Simform (4.5/5) scores higher overall, but "better" depends on your use case. Simform is better for aWS-first companies needing production ML systems with cloud-native deployment and strong project governance. ScienceSoft is better for manufacturing, healthcare, and oil & gas companies needing a long-established US-headquartered ML partner with Microsoft and AWS credentials.

How do Simform and ScienceSoft differ in pricing?

Simform uses fixed project, dedicated team, t&m pricing with a minimum engagement of $50K. ScienceSoft uses fixed project, dedicated team, t&m pricing with a minimum engagement of $50K. Neither firm publishes a full rate card; a discovery call is required for project-specific quotes.

Which is better for enterprise: Simform or ScienceSoft?

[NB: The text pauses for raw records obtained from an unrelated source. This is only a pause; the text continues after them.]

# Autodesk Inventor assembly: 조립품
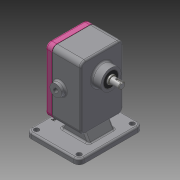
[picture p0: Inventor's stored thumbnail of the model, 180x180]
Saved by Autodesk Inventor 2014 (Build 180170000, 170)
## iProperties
Created: 2020-04
Part Number: 조립품
Document SubType Name: Assembly
Designer: kh
Author: kh
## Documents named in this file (11)
- C:\Users\kh\Desktop\700407V1024\조립품.iam
- C:\Users\kh\Desktop\700407V1024\본체.ipt
- C:\Users\kh\Desktop\700407V1024\개스킷.ipt
- C:\Users\kh\Desktop\700407V1024\메인축.ipt
- C:\Users\kh\Desktop\700407V1024\베어링부시.ipt
- C:\Users\kh\Desktop\700407V1024\볼트 M5.ipt
- C:\Users\kh\Desktop\700407V1024\서브축.ipt
- C:\Users\kh\Desktop\700407V1024\스퍼기어.ipt
- C:\Users\kh\Desktop\700407V1024\오일 실 16 28 7.ipt
- C:\Users\kh\Desktop\700407V1024\커버.ipt
- C:\Users\kh\Desktop\700407V1024\키 6 x 6 x 18.ipt
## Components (1 placed, 1 different names)
1. 개스킷:1

Simform is the larger team and typically the better enterprise-scale choice. For very large programmes, verify team size and compliance coverage directly with each company before shortlisting.

What are the main differences between Simform and ScienceSoft?

Simform's primary differentiator is: aws premier partner with 200+ ml engineers and 4.8/5 clutch rating across 82 verified reviews — one of the most independently validated firms in this niche. ScienceSoft's primary differentiator is: 35-year it firm with microsoft gold and aws partner certifications and documented vertical depth in manufacturing, healthcare, and oil & gas ml. They also differ in team size (1,000–2,000 vs 700–1,000), minimum engagement ($50K vs $50K), and primary industries served (Healthcare, Fintech vs Manufacturing, Healthcare).

Last reviewed: July 2026. Verify all details directly with each company before making a decision.